Repository files navigation

For more information, visit http://statalign.github.io

Introduction

StatAlign is an extendable software package for Bayesian analysis of protein, DNA and RNA sequences. Multiple alignments, phylogenetic trees and evolutionary parameters are co-estimated in a Markov Chain Monte Carlo framework, yielding posterior distributions for quantities such as tree topologies, branch lengths, alignments, and indel rates.

Traditional methods conduct phylogenetic analysis on a single, fixed alignment, which can lead to strong biases in the inferred trees. In contrast, the joint estimation approach accounts for the interdependence between the various parameters.

The models behind the analysis permit the comparison of evolutionarily distant sequences: the TKF92 insertion-deletion model can be coupled to a variety of different substitution models.
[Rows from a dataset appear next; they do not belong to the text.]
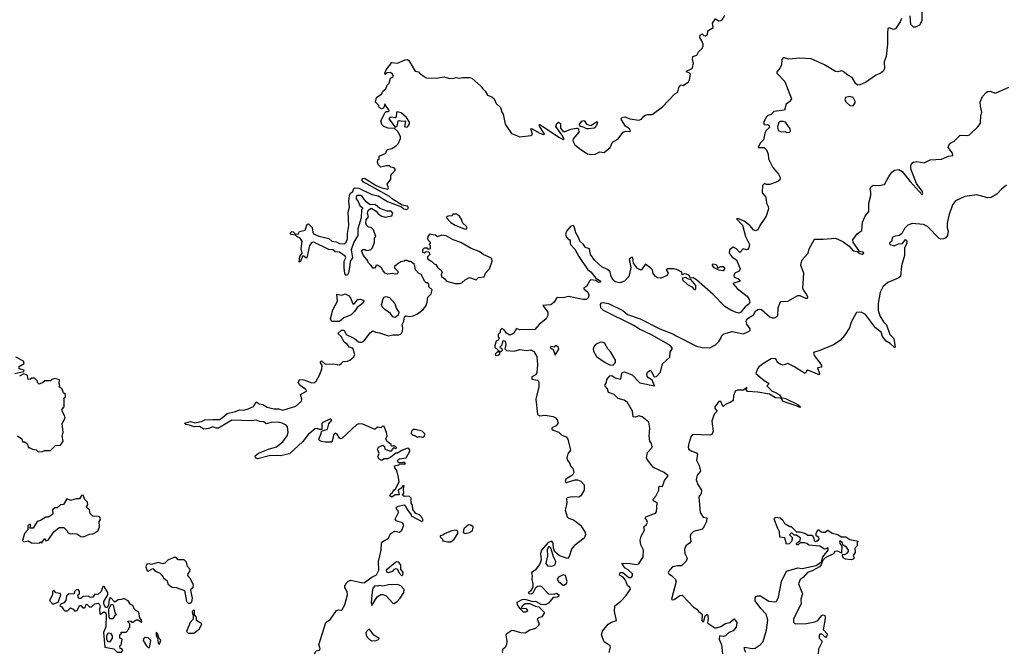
# Model space of a CAD drawing. Extents: x 2106670 to 2323771, y 35271 to 224896.
# Tile 382 of 419: x 2257609 to 2266463, y 190468 to 196155. Entities that reach past the tile are written whole.
import ezdxf

# ---------------------------------------------------------------- set-up
doc = ezdxf.new("R2010")
doc.units = 0

msp = doc.modelspace()

# ---------------------------------------------------------------- linework, layer by layer
at = {"layer": '0CON20XD'}
for points in [[(2265721.7, 196248.3), (2265720, 196145), (2265701.2, 196105), (2265665, 196088.1), (2265645, 196087.1), (2265622, 196112), (2265615, 196190)], [(2260387.3, 194187.3), (2260414.5, 194164.5), (2260455, 194158.9), (2260484.5, 194144.5), (2260525, 194139.4), (2260545, 194154), (2260557.5, 194185), (2260557.6, 194232.4), (2260569.7, 194305), (2260561.5, 194425), (2260575, 194470), (2260568.5, 194525), (2260575.5, 194575), (2260584.5, 194595.5), (2260605, 194612), (2260613.5, 194636.5), (2260625, 194644.5), (2260659.5, 194639.5), (2260774.4, 194584.4), (2260831.1, 194571.1), (2260915, 194520.4), (2261041.4, 194471.4), (2261063.8, 194453.8), (2261085, 194448.9), (2261099.1, 194455), (2261105.3, 194465.3), (2261095, 194479.5), (2261048.8, 194488.8), (2260962.2, 194542.2), (2260935, 194565.6), (2260729.6, 194679.6), (2260700.8, 194695), (2260686.7, 194715), (2260693.3, 194726.7), (2260709.3, 194729.3), (2260813.3, 194663.3), (2260855.5, 194645.5), (2260918.6, 194631.4), (2260926.2, 194645), (2260913.6, 194676.4), (2260945, 194720), (2260947.5, 194755), (2260955, 194770), (2260986.7, 194805), (2260975, 194822.5), (2260945, 194830), (2260935, 194840), (2260905, 194842.5), (2260855, 194830), (2260833, 194853), (2260827.5, 194875), (2260830, 194895), (2260840, 194905), (2260841.7, 194928.3), (2260900, 194955), (2260911.7, 194988.3), (2260955, 194997.5), (2260995, 195022.5), (2261010.7, 195039.3), (2261033, 195087), (2261032.5, 195105), (2261008.8, 195148.8), (2260978.3, 195178.3), (2260920.7, 195180.7), (2260884.1, 195194.1), (2260865, 195212.5), (2260857.5, 195245), (2260895, 195320), (2260905, 195330), (2260925, 195330), (2260930, 195335), (2260927.5, 195345), (2260897.5, 195387.5), (2260895, 195400), (2260880, 195360), (2260863.6, 195353.6), (2260842.5, 195365), (2260837.5, 195385), (2260807.5, 195415), (2260817.5, 195455), (2260865, 195490), (2260875, 195512.5), (2260900, 195535), (2260912.5, 195565), (2260932.5, 195585), (2260941.7, 195628.3), (2260970, 195645), (2260960, 195665), (2260941.7, 195681.7), (2260914, 195676), (2260896.4, 195663.6), (2260892.5, 195675), (2260903.8, 195705), (2260955, 195770.7), (2261005, 195763.3), (2261075, 195795.6), (2261095, 195797.5), (2261107.3, 195787.3), (2261165, 195692.5), (2261195, 195687.5), (2261202.5, 195675), (2261263, 195633), (2261355, 195628.8), (2261425, 195640), (2261475, 195626.7), (2261511.7, 195628.3), (2261535, 195636.7), (2261565, 195630), (2261595, 195636.7), (2261655, 195636), (2261675, 195630), (2261755, 195558), (2261772.2, 195532.2), (2261795, 195513.3), (2261815, 195476.7), (2261855, 195460.8), (2261874, 195445), (2261892.7, 195402.7), (2261933.3, 195365), (2261943.8, 195325), (2261956.8, 195306.8), (2261975.8, 195215), (2262032.1, 195132.1), (2262105, 195102), (2262205, 195112.9), (2262220.8, 195125), (2262203.8, 195175), (2262212, 195178), (2262287.5, 195135), (2262315, 195123.8), (2262326.7, 195125), (2262281.2, 195205), (2262285, 195212.5), (2262463.8, 195095), (2262495, 195077.5), (2262505, 195080), (2262485, 195120), (2262430.8, 195195), (2262439.5, 195220.5), (2262455, 195233.3), (2262471.7, 195221.7), (2262471.2, 195181.2), (2262495, 195150.8), (2262515, 195149.5), (2262565, 195170), (2262615, 195178.8), (2262625, 195180), (2262635, 195172.5), (2262636.7, 195145), (2262586.4, 195083.6), (2262583.6, 195066.4), (2262601.2, 195031.2), (2262655, 194986.9), (2262715, 194950), (2262745, 194942.9), (2262785, 194946.2), (2262825, 194966.7), (2262865, 194960), (2262920, 195005), (2262940, 195055), (2262987.7, 195082.3), (2263036.2, 195143.8), (2263055, 195152.5), (2263095, 195150), (2263102.5, 195155), (2263092.5, 195175), (2263055, 195198.8), (2263020, 195255), (2263016.2, 195265), (2263022.7, 195277.3), (2263050.5, 195280.5), (2263093.9, 195263.9), (2263177.3, 195252.7), (2263200.5, 195259.5), (2263221.3, 195288.7), (2263235, 195297.5), (2263255, 195304.2), (2263295, 195303.3), (2263389.2, 195370.8), (2263500.5, 195489.5), (2263526, 195504), (2263536.7, 195545), (2263555, 195570), (2263575, 195562.5), (2263623, 195597), (2263632.5, 195615), (2263640, 195665), (2263628.3, 195678.3), (2263602.5, 195685), (2263610, 195695), (2263645, 195710), (2263657.5, 195722.5), (2263666.7, 195765), (2263658, 195795), (2263663.3, 195825), (2263696.7, 195835), (2263713.3, 195865), (2263746.2, 195895), (2263755, 195920), (2263756, 195935), (2263744, 195965), (2263724.2, 195995), (2263726.7, 196015), (2263745, 196026.7), (2263761.7, 196011.7), (2263775, 196010), (2263795, 196022.5), (2263796.2, 196055), (2263844, 196085), (2263838.8, 196125), (2263865, 196162.5), (2263895.8, 196145.8), (2263915, 196146.9), (2263925, 196154.4), (2263950, 196195)], [(2265538.1, 196165), (2265525.6, 196135), (2265485, 196074), (2265465, 196066), (2265426.7, 196083.3), (2265416.7, 196075), (2265411.2, 196035), (2265412, 195935), (2265399.4, 195825), (2265383, 195777), (2265385, 195712.5), (2265375, 195693.3), (2265355, 195676.2), (2265305, 195652.5), (2265215, 195590.6), (2265165, 195568.2), (2265145, 195567.1), (2265128.7, 195578.7), (2265094.2, 195635), (2265055, 195657.1), (2265015, 195690.5), (2264995, 195696.4), (2264965, 195686.9), (2264945, 195690.6), (2264845, 195748.5), (2264725, 195802.1), (2264625, 195809.6), (2264525, 195801.1), (2264476.2, 195813.8), (2264462, 195798), (2264459.3, 195750.7), (2264446.7, 195723.3), (2264417.5, 195685), (2264417.5, 195675), (2264489.6, 195599.6), (2264548, 195445), (2264535, 195420), (2264500, 195395), (2264485, 195342.5), (2264390.5, 195329.5), (2264365.8, 195304.2), (2264337.5, 195295), (2264321.7, 195278.3), (2264301.2, 195235), (2264300, 195215), (2264305, 195210), (2264333, 195213), (2264345, 195206.7), (2264350, 195185), (2264321.7, 195158.3), (2264310, 195135), (2264296.7, 195075), (2264268, 195045), (2264250, 195005), (2264302.5, 195005), (2264325, 194985.8), (2264339.6, 194945), (2264343.6, 194905), (2264381.9, 194825), (2264432.5, 194765), (2264448, 194735), (2264444.1, 194715.9), (2264425, 194700), (2264355, 194672.5), (2264325, 194672.5), (2264305, 194681.2), (2264288, 194665), (2264285, 194597.5), (2264318.7, 194558.7), (2264322.9, 194505), (2264339.2, 194475), (2264342.5, 194455), (2264320.6, 194389.4), (2264263.8, 194305), (2264245, 194266.7), (2264225, 194258), (2264206.7, 194265), (2264175.5, 194305.5), (2264125, 194344.3), (2264075, 194364.2), (2264053.3, 194365), (2264108.3, 194308.3), (2264134.6, 194204.6), (2264170.8, 194135), (2264165.8, 194105), (2264155, 194090), (2264145, 194086.7), (2264113.6, 194096.4), (2264085, 194062.5), (2264054.1, 194094.1), (2264025, 194110), (2263991.2, 194085), (2263990, 194055), (2264015, 194020), (2264055.8, 193995.8), (2264087.5, 193915), (2264080, 193895), (2264040, 193875), (2264030, 193855), (2264035, 193840), (2264067, 193827), (2264087.5, 193805), (2264022.5, 193785), (2264063.5, 193735), (2264149.6, 193669.6), (2264169.6, 193639.6), (2264174.7, 193615), (2264168.8, 193601.2), (2264133.3, 193575), (2264094, 193526), (2264075, 193517.2), (2264052.6, 193522.6), (2264002.7, 193542.7), (2263948.3, 193578.2), (2263845.4, 193685), (2263695, 193817.1), (2263665, 193833.3), (2263641.7, 193831.7), (2263625, 193857.5), (2263605, 193866.7), (2263585, 193870), (2263565, 193860), (2263562.5, 193885), (2263525, 193905.8), (2263495, 193914.2), (2263437.5, 193915), (2263422.5, 193905), (2263439.3, 193879.3), (2263432.5, 193855), (2263375, 193832.9), (2263345, 193833.8), (2263327.5, 193845), (2263305, 193872.5), (2263298.8, 193905), (2263291.2, 193915), (2263235, 193957.5), (2263196.1, 193903.9), (2263165, 193918), (2263128, 193965), (2263123, 194013), (2263115, 194020), (2263090, 194005), (2263104.2, 193925), (2263085, 193846.7), (2263046.8, 193803.2), (2263005, 193788.6), (2262965, 193799.2), (2262945, 193814), (2262926.9, 193845), (2262918.5, 193888.5), (2262895, 193910), (2262843.3, 193933.3), (2262780.5, 193990.5), (2262742.9, 194042.9), (2262732.5, 194095), (2262695.9, 194105.9), (2262678, 194135), (2262647.1, 194165), (2262635, 194197.5), (2262608.5, 194238.5), (2262595, 194296.7), (2262585, 194306), (2262565, 194298), (2262526.7, 194255), (2262517.5, 194225), (2262525, 194200), (2262545, 194180), (2262560, 194175), (2262557.5, 194145), (2262563.3, 194135), (2262601.2, 194091.2), (2262638, 194025), (2262716.9, 193906.9), (2262745, 193888), (2262790, 193830), (2262836, 193805), (2262827.5, 193795), (2262815, 193793.3), (2262790.7, 193810.7), (2262744.4, 193815.6), (2262731.2, 193805), (2262705, 193757.5), (2262682.5, 193745), (2262681.2, 193735), (2262716.5, 193706.5), (2262725.8, 193685.8), (2262723.2, 193656.8), (2262705, 193640.3), (2262675, 193639.4), (2262543.9, 193666.1), (2262496.1, 193653.9), (2262445, 193657.5), (2262435, 193652.5), (2262415.5, 193614.5), (2262385, 193592.9), (2262312.5, 193585), (2262356.7, 193525), (2262359.1, 193495), (2262343.6, 193466.4), (2262281.5, 193415), (2262240.6, 193369.4), (2262105, 193366), (2262075, 193378.8), (2262053.3, 193336.7), (2262015, 193318.8), (2261985.9, 193335.9), (2261965, 193367.5), (2261945, 193380), (2261930, 193365), (2261928.3, 193341.7), (2261910, 193325), (2261910, 193305), (2261920, 193295), (2261910, 193275), (2261892.5, 193265), (2261880, 193225), (2261881.7, 193211.7), (2261910, 193185), (2261908.3, 193171.7), (2261883, 193147), (2261888.3, 193138.3), (2261905, 193137.5), (2261922.5, 193145), (2261930, 193155), (2261920, 193165), (2261921.7, 193178.3), (2261935, 193170), (2261950, 193185), (2261945, 193200), (2261931.7, 193201.7), (2261930, 193215), (2261947, 193233), (2261955, 193270), (2261968.3, 193268.3), (2261977.5, 193255), (2261981.7, 193228.3), (2261970, 193195), (2261985, 193180), (2262054.1, 193175.9), (2262105, 193190.8), (2262165, 193182.5), (2262205, 193186), (2262231.3, 193171.3), (2262257.8, 193127.8), (2262266, 193055), (2262258.7, 192981.3), (2262246.7, 192963.3), (2262225, 192950.8), (2262214.2, 192945), (2262213.3, 192923.3), (2262264.2, 192914.2), (2262274.2, 192904.2), (2262276.9, 192886.9), (2262277.1, 192855), (2262250, 192745), (2262265, 192606.2), (2262285, 192592.7), (2262335, 192598.6), (2262405, 192587.5), (2262426.7, 192575), (2262443.9, 192553.9), (2262448.8, 192525), (2262433.3, 192505), (2262395, 192486.2), (2262395, 192474), (2262405, 192464.3), (2262457, 192447), (2262485, 192420), (2262522.5, 192405), (2262538.8, 192385), (2262562.5, 192285), (2262536.4, 192253.6), (2262529.2, 192215), (2262535, 192194), (2262556.7, 192166.7), (2262562, 192145), (2262582.7, 192122.7), (2262590.6, 192085), (2262578.8, 192061.2), (2262518.8, 192025), (2262512.9, 192002.9), (2262525, 191996), (2262605, 192020), (2262625, 192020), (2262655, 192006.2), (2262684, 191975), (2262686, 191925), (2262655.8, 191874.2), (2262635.9, 191864.1), (2262575.8, 191865.8), (2262532.5, 191857.5), (2262526.2, 191845), (2262528.8, 191815), (2262521.7, 191781.7), (2262513, 191747), (2262531.2, 191685), (2262543.2, 191673.2), (2262588.2, 191658.2), (2262650.7, 191610.7), (2262694, 191545), (2262696.4, 191523.6), (2262683.3, 191495), (2262595, 191426.2), (2262570, 191395), (2262549.5, 191330.5), (2262535, 191310), (2262463.9, 191333.9), (2262421.2, 191371.2), (2262407.5, 191405), (2262405, 191450), (2262395, 191466.7), (2262360, 191455), (2262300, 191385), (2262292.5, 191355), (2262296.7, 191295), (2262283.9, 191256.1), (2262243, 191207), (2262212.5, 191185), (2262217.5, 191155), (2262213.3, 191125), (2262224.2, 191085), (2262222, 191055), (2262201.4, 191018.6), (2262180, 191005), (2262193.9, 190993.9), (2262215, 190996.7), (2262225, 191003.3), (2262250.3, 191049.7), (2262266, 191064), (2262285, 191066.7), (2262299.7, 191059.7), (2262365, 190993.3), (2262415, 190990), (2262435, 191000), (2262457.5, 190985), (2262455, 190970), (2262445, 190962.5), (2262405, 190960), (2262365, 190908.8), (2262335, 190894), (2262298.1, 190898.1)], [(2262908.9, 190465), (2262922, 190515), (2262918.8, 190525), (2262863.4, 190563.4), (2262839.2, 190625), (2262850.7, 190659.3), (2262900.2, 190719.8), (2262930.2, 190739.8), (2262975.7, 190754.3), (2262958.2, 190835), (2262960.8, 190885), (2263015, 190928.8), (2263060, 190975), (2263100, 191035), (2263097.5, 191047.5), (2263075, 191067.5), (2263056.9, 191116.9), (2263034.3, 191144.3), (2263002.5, 191162.5), (2263007.5, 191185), (2263032.5, 191185), (2263085, 191140.8), (2263108.2, 191141.8), (2263120.8, 191155), (2263118, 191175), (2263080.5, 191210.5), (2263047.3, 191227.3), (2263038.3, 191248.3), (2263022.5, 191265), (2263025, 191270), (2263097.7, 191267.7), (2263155, 191256.7), (2263175.9, 191264.1), (2263216.2, 191325), (2263217.1, 191385), (2263195.6, 191435), (2263189.4, 191475), (2263196.9, 191513.1), (2263226.2, 191565), (2263222.5, 191595), (2263245, 191617.5), (2263253.3, 191635), (2263247.5, 191655), (2263232.5, 191675), (2263240, 191685), (2263325, 191720), (2263335, 191730), (2263341.7, 191811.7), (2263308.3, 191828.3), (2263303.8, 191845), (2263327.8, 191872.2), (2263356.7, 191925), (2263357.5, 191955), (2263365, 191962.5), (2263385, 191960), (2263393, 191967), (2263407.3, 192012.7), (2263440, 192055), (2263405, 192085.6), (2263309.5, 192129.5), (2263250.5, 192200.5), (2263246.7, 192215), (2263255.7, 192265), (2263294, 192305), (2263295.7, 192315), (2263288.8, 192345), (2263275.9, 192365.9), (2263270.7, 192410.7), (2263276.4, 192483.6), (2263265, 192536.7), (2263205, 192586.2), (2263175, 192593.8), (2263147.7, 192582.3), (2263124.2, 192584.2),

A broad range of models for nucleotide and amino acid data is included in the package and the plug-in management system ensures that new models can be easily added.

Since joint sampling of alignments and trees is more computationally intensive than analysis with a single alignment, StatAlign does require significantly more runtime than tree-only MCMC analyses, and is best suited to the analysis of small to medium datasets (10-30 sequences). We are currently working on software developments that will extend this range of applicability.

Usage

StatAlign is written in Java and thus requires no installation, but you must have Java 6 or newer on your system. If you do not have such a Java framework, please download the most recent one from http://www.java.com/getjava

Once you have Java, extract the StatAlign zip archive, and double-click the StatAlign.jar file. This will launch the graphical interface where sequences to analyse can be easily loaded from the menus -- see the Help page for more information.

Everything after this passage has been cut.